Records shown section start

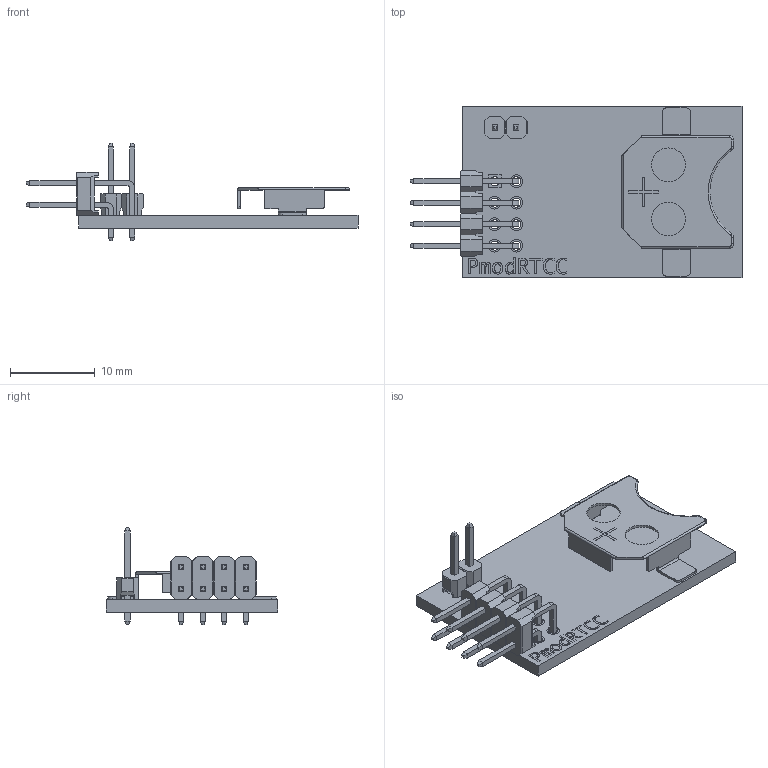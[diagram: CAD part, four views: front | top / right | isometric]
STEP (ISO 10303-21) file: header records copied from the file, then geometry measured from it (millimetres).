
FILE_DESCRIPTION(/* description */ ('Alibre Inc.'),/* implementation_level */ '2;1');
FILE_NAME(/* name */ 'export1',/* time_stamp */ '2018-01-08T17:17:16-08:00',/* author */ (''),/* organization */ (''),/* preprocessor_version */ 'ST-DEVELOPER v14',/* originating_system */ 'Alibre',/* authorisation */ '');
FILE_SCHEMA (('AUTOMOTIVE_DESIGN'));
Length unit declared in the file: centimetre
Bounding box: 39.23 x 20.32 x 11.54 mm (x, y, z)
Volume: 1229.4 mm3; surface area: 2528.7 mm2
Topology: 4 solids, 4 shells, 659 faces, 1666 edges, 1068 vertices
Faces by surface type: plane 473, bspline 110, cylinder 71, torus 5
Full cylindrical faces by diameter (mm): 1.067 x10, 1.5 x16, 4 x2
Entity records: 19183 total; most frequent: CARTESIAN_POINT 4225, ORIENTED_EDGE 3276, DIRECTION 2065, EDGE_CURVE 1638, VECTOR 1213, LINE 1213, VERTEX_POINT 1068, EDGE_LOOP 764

Records shown section end

- _Problem statement_
Please transcribe the whole listing above exactly, with the images left out.

- _Exercise answer_
[diagram: CAD part, four views: front | top / right | isometric]
STEP (ISO 10303-21) file: header records copied from the file, then geometry measured from it (millimetres).
FILE_DESCRIPTION(/* description */ ('Alibre Inc.'),/* implementation_level */ '2;1');
FILE_NAME(/* name */ 'export1',/* time_stamp */ '2018-01-08T17:17:16-08:00',/* author */ (''),/* organization */ (''),/* preprocessor_version */ 'ST-DEVELOPER v14',/* originating_system */ 'Alibre',/* authorisation */ '');
FILE_SCHEMA (('AUTOMOTIVE_DESIGN'));
Length unit declared in the file: centimetre
Bounding box: 39.23 x 20.32 x 11.54 mm (x, y, z)
Volume: 1229.4 mm3; surface area: 2528.7 mm2
Topology: 4 solids, 4 shells, 659 faces, 1666 edges, 1068 vertices
Faces by surface type: plane 473, bspline 110, cylinder 71, torus 5
Full cylindrical faces by diameter (mm): 1.067 x10, 1.5 x16, 4 x2
Entity records: 19183 total; most frequent: CARTESIAN_POINT 4225, ORIENTED_EDGE 3276, DIRECTION 2065, EDGE_CURVE 1638, VECTOR 1213, LINE 1213, VERTEX_POINT 1068, EDGE_LOOP 764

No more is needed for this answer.